Nucleic Acids Research ◽

10.1093/nar/gkaa751 ◽

2020 ◽

Vol 48 (19) ◽

pp. 11146-11161

Author(s):

Naining Xu ◽

Yingying You ◽

Changdong Liu ◽

Maxim Balasov ◽

Lee Tung Lun ◽

...

Keyword(s):

Dna Replication ◽

Dna Binding ◽

Solution Structure ◽

Origin Recognition Complex ◽

Structural Basis ◽

Dna Replication Origin ◽

Dna Alterations ◽

Replication Initiator ◽

Binding Subunit ◽

Origin Recognition

Abstract The six-subunit origin recognition complex (ORC), a DNA replication initiator, defines the localization of the origins of replication in eukaryotes. The Orc6 subunit is the smallest and the least conserved among ORC subunits. It is required for DNA replication and essential for viability in all species. Orc6 in metazoans carries a structural homology with transcription factor TFIIB and can bind DNA on its own. Here, we report a solution structure of the full-length human Orc6 (HsOrc6) alone and in a complex with DNA. We further showed that human Orc6 is composed of three independent domains: N-terminal, middle and C-terminal (HsOrc6-N, HsOrc6-M and HsOrc6-C).

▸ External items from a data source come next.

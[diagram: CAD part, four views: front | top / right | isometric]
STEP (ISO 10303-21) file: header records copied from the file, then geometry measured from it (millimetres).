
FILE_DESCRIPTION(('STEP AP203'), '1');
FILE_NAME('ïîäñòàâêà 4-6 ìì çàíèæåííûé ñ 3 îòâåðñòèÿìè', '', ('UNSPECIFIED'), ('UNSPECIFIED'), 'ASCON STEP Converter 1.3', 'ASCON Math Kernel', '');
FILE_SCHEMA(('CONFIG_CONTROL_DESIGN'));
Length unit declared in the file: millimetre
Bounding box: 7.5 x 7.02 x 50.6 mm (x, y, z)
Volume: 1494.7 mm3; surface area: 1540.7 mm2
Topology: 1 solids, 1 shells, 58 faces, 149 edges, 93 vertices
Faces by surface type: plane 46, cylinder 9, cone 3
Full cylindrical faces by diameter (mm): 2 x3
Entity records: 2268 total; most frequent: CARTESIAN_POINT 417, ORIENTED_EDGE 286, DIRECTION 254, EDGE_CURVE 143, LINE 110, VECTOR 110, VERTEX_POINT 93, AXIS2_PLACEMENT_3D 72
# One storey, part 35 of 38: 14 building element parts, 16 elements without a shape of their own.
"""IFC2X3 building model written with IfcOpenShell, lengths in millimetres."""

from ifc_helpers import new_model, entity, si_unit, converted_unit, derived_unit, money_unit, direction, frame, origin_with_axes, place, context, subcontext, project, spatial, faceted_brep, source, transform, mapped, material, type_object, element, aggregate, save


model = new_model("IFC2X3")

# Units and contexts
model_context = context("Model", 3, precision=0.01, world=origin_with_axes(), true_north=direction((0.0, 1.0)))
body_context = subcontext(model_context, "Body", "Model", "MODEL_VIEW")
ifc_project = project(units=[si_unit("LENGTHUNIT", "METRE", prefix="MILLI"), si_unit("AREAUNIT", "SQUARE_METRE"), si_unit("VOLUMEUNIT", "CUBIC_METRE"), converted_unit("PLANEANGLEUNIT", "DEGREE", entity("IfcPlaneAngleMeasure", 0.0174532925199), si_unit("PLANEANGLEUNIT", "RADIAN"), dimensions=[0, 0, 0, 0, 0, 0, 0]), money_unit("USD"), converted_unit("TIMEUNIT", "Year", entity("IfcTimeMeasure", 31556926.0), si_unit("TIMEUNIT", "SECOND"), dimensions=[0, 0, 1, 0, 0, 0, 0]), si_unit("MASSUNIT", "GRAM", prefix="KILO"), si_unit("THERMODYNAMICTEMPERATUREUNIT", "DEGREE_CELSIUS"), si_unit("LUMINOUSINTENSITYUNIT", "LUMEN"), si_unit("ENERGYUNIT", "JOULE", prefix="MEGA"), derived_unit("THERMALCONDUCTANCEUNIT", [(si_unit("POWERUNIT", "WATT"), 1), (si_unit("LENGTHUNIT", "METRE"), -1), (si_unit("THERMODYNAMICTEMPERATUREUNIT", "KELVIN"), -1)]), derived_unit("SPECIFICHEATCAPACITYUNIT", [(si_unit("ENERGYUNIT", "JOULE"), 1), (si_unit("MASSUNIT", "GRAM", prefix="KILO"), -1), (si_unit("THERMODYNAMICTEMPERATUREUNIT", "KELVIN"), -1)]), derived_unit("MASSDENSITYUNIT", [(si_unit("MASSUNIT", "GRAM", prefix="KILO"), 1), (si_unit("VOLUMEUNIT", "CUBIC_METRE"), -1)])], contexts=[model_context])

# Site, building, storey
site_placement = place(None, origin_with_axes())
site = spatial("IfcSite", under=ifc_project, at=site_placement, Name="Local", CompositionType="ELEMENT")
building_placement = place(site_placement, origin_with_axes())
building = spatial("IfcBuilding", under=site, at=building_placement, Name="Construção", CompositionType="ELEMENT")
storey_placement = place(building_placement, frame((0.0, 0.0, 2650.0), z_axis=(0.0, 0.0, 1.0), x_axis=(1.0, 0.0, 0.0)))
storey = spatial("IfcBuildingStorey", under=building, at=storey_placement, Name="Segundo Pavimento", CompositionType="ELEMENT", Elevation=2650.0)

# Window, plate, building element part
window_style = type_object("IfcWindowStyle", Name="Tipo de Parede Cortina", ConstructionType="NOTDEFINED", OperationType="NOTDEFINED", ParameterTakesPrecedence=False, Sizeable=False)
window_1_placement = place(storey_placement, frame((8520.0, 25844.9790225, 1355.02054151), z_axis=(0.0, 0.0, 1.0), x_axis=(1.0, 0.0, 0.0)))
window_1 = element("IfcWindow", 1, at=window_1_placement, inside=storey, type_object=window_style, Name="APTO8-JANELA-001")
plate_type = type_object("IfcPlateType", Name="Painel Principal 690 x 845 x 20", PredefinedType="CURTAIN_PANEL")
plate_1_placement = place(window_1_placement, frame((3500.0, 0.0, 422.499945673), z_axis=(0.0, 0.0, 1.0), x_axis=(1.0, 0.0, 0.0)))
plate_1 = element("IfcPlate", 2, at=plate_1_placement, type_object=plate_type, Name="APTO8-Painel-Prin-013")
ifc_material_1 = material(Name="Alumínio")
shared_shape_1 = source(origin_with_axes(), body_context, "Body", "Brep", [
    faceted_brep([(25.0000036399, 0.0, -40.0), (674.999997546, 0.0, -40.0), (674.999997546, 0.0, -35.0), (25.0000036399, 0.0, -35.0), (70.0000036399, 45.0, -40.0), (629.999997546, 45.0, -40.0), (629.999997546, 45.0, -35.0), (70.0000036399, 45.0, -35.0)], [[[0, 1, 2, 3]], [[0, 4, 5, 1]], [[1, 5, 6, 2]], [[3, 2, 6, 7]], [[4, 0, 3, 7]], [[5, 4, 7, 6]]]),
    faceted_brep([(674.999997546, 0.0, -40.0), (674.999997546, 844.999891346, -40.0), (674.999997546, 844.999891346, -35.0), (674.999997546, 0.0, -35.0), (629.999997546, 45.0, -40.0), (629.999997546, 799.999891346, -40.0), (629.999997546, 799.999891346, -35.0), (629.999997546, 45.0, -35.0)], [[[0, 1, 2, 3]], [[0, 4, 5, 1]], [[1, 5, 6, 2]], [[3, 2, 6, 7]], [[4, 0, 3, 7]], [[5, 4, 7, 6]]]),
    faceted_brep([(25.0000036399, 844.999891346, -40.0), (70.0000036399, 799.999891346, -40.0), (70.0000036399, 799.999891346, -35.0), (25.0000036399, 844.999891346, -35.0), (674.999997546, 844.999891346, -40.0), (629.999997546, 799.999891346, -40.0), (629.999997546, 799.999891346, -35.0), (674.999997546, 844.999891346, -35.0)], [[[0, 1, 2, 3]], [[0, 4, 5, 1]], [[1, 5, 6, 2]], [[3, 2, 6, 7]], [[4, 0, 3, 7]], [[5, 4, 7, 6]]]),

We also identified a distinct DNA-binding domain of human Orc6, named as HsOrc6-DBD. The detailed analysis of the structure revealed novel amino acid clusters important for the interaction with DNA. Alterations of these amino acids abolish DNA-binding ability of Orc6 and result in reduced levels of DNA replication. We propose that Orc6 is a DNA-binding subunit of human/metazoan ORC and may play roles in targeting, positioning and assembling the functional ORC at the origins.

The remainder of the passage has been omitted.